Company cracks code to grow human cells
Cambridge spin-off builds system to reprogramme cells in breakthrough for diseases like Huntington’s
THE ability to grow billions of human cells on demand could open the door to lab-grown organs, cellular therapies and cures for conditions such as Huntington’s.
Now one British company has, literally, cracked the code for a new era of regenerative medicine.
Cambridge University spin-off Bit. Bio has developed a system for reprogramming stem cells into any cell in the human body in just a few days.
It raises the possibility of growing organs from scratch, or replacing lost or diseased cells, such as pancreatic islets – the cells producing insulin that are destroyed by the immune system in type 1 diabetes.
Prof Mark Kotter, the neurosurgeon who founded the company, told The Sunday Telegraph: “This is essentially treating biology as if it was software. We can switch on the programme from the inside and all cells in the culture turn into what we want. That’s pretty cool.”
Stem cells already contain the genetic information needed to become any cell, but turning on the programme to make specific cells has always proved tricky.
Traditionally, scientists have tried to mimic what happens during embryonic development, recreating the chemical environment present as cells grow.
Some have recreated low-frequency vibrations in the body to help the process, a technique called “nanokicking”.
However, it has been notoriously hard to control, with cells often growing into unwanted types.
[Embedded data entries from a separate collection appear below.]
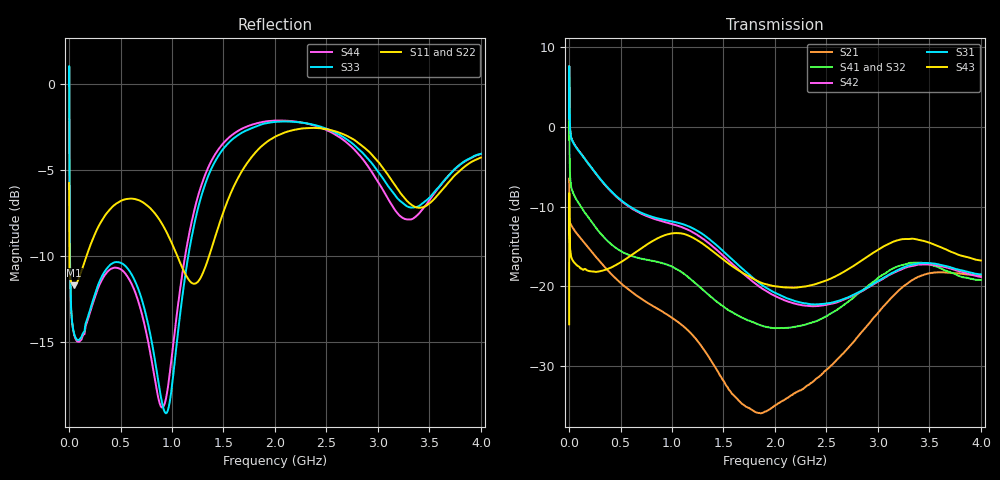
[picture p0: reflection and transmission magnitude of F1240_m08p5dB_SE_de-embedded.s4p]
! Integrated Device Technology
! Corporate Headquarters
! 6024 Silver Creek Valley Road
! San Jose, CA 95138  USA
! Phone:  1-408-284-8200
! Toll Free:  1-800-223-1366
! Webpage:  http://www.idt.com/
! Timing and RF Division
! 515 Groton Road, Suite 102
! Westford, MA 01886-6024
! Device:  F1240
! Description: Dual Intermediate Frequency Digital Variable Gain Amplifier
! Frequency:  10.0 -  500.00 MHz
! Package:  5x5 mm QFN Plastic Package: 32 pin
! Ports:  8 RF, 20 DC
!  Pin  1  = GA3 / Data  Pin 17  = RF OUT_B+
!  Pin  2  = GA4 / CLK  Pin 18  = RF OUT_B-
!  Pin  3  = GA5  Pin 19  = STBY_B
!  Pin  4  = VMODE  Pin 20  = Ground
!  Pin  5  = No Connect  Pin 21  = Ground
!  Pin  6  = GB5  Pin 22  = STB_A
!  Pin  7  = GB4  Pin 23  = RF OUT_A-  = Port 4
!  Pin  8  = GB3  Pin 24  = RF OUT_A+  = Port 3
!  Pin  9  = GB2  Pin 25  = GA0
!  Pin 10  = GB1  Pin 26  = ISET_A
!  Pin 11  = RF IN_B+  Pin 27  = VCC
!  Pin 12  = RF IN_B-  Pin 28  = Ground
!  Pin 13  = Ground  Pin 29  = RF IN_A-  = Port 2
!  Pin 14  = VCC  Pin 30  = RF IN_A+  = Port 1
!  Pin 15  = ISET_B  Pin 31  = GA1
!  Pin 16  = GB0  Pin 32  = GA2 / CSb
! Gain  = +19.5 dB
! State  = 1
! Voltage  = +5.00 V
! Current  = 85.292 mA (one channel only)
! Temperture  =  +25 C
! Test Date  =  2017-10-18
! Board  =  EB4031
! Data:  The device was measured on a custom evaluation board which has
!  individual transmission lines to the RF pins.  Data was collected
!  using a calibrated network analyzer.  The evaluation board was
!  de-embedded using Automatic Fixture Removal.
!  The reference plane is the edge of the package pin.
!  Only Channel A was measured.
!  This data is in single-ended operation.  If your needs are balanced
!  or differential S-parameters then this file needs to be used a
!  linear simulator.
! File Date:  2017-11-10  MJV
! Note:
!  Integrated Device Technology supplies this data as a sample of measured
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# Hz S dB R 100
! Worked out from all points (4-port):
!   410 points, 500 kHz to 4 GHz, reference 100 ohm
!   strongest paths, dB at 500 kHz, 930 MHz, 1.96 GHz, 2.98 GHz, 4 GHz:
!     S43: -24.8, -13.6, -19.9, -15.6, -16.8
!     S31: 1.1, -11.7, -20.6, -19.5, -18.5
!     S42: 1.1, -11.9, -21.0, -19.6, -18.8
!     S41: -1.6, -17.2, -25.2, -19.2, -19.2
!     S32: -1.5, -17.4, -25.0, -19.4, -19.5
!     S21: -6.5, -23.4, -35.3, -23.7, -18.7
!   lowest |S11| = -11.7 dB at 50 MHz (marker M1), VSWR 1.70, Z = 144 - j47.4 ohm
!   |S11| at or under -10 dB: 2.932 MHz to 169.2 MHz (166.3 MHz wide, 193 % of centre); 1.052 GHz to 1.36 GHz (307.8 MHz wide, 25.5 % of centre)
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500000  -5.74 -5.6  -6.48 -5.8  -31.70 77.4  -34.23 76.4
        -6.50 -5.8  -5.73 -5.6  -34.18 75.2  -31.70 78.5
        1.05 -111.1  -1.53 -113.0  -0.09 -0.1  -24.79 -38.8
        -1.55 -111.9  1.05 -110.0  -24.78 -38.9  -0.10 2.2
3500000  -10.43 -20.4  -11.42 -18.5  -24.78 4.3  -29.55 -10.8
         -11.42 -18.6  -10.44 -20.6  -29.52 -11.0  -24.77 4.5
         3.75 156.0  -1.03 140.9  -3.97 -83.4  -10.58 175.7
         -1.06 141.1  3.75 156.2  -10.59 175.7  -4.02 -83.4
5e7  -11.70 -36.2  -12.94 -22.4  -26.20 -17.6  -32.46 -20.7
     -12.95 -22.4  -11.67 -36.6  -32.48 -20.5  -26.17 -17.6
     -2.21 151.6  -8.61 142.8  -14.52 -164.5  -17.06 152.2
     -8.60 142.8  -2.16 151.5  -17.03 152.1  -14.59 -165.1
5e8  -6.79 -143.0  -19.58 -123.8  -29.96 -100.8  -37.22 -93.1
     -19.57 -123.6  -6.75 -143.7  -37.33 -90.8  -30.26 -100.7
     -9.15 29.5  -15.68 -16.7  -10.38 -173.4  -17.09 13.9
     -15.57 -18.1  -9.23 27.9  -17.01 13.6  -10.75 -174.0
2.06e9  -2.89 -179.0  -34.34 60.2  -33.37 -20.1  -35.62 0.7
        -34.48 60.8  -2.80 -179.5  -36.21 7.2  -34.83 -13.7
        -21.18 62.4  -25.14 -5.2  -2.17 175.0  -20.34 32.8
        -25.24 -12.5  -21.58 65.2  -20.11 33.9  -2.11 171.9
2.92e9  -3.96 100.7  -24.61 -24.9  -28.86 -153.5  -31.19 -139.7
        -24.59 -25.0  -3.75 101.5  -31.73 -126.6  -30.23 -145.0
        -19.99 -69.5  -20.02 -149.5  -4.45 92.5  -16.88 -93.7
        -19.78 -161.3  -20.05 -66.1  -16.10 -91.7  -4.92 85.1
4e9  -4.26 -127.3  -18.66 122.2  -27.33 -21.9  -28.32 -6.9
     -18.66 122.2  -4.02 -125.9  -28.93 6.4  -29.11 -11.5
     -18.52 54.9  -19.46 -39.1  -4.05 -133.0  -18.13 61.7
     -19.21 -53.3  -18.84 61.1  -16.77 55.4  -4.05 -142.9

At Bit.Bio, the team switches on a programme that makes specific cells from the inside – the same process used by the body. Proteins called transcription factors act like code words, telling the cell which parts of the DNA should wake up or stay silent.
Every cell needs a different code, and Bit.Bio has the key for cells including muscle cells, neurons, fat cells and liver cells. It is working with the London Institute for Mathematical Sciences to uncover the rest of the codes. Once the code is found, the team implants it using the Crispr gene editing system into special areas of the cell genome with no active DNA, to avoid interfering with other cell programmes.
Prof Kotter added: “Cell therapies are the most exciting opportunity we see.
“Medicine is moving away from older paradigms like antibodies or drugs or smart molecules toward cells which are intelligent, and can respond to their environment, so are ultra-effective.
“We will be announcing therapies later, but we’ll be looking for conditions with unmet need.” Developing human cells could aid researchers struggling to find animals for experiments.
Many late-stage human diseases like Alzheimer’s are not present in the animal kingdom, so researchers must engineer symptoms in lab mice and hope the work is transferable. It has mostly proved not to be, and is one reason dementia drugs can fail in human trials.
Earlier this month, Bit.Bio released a line of cells coded to contain the Huntington’s disease mutation. This will let researchers test treatments on the actual illness.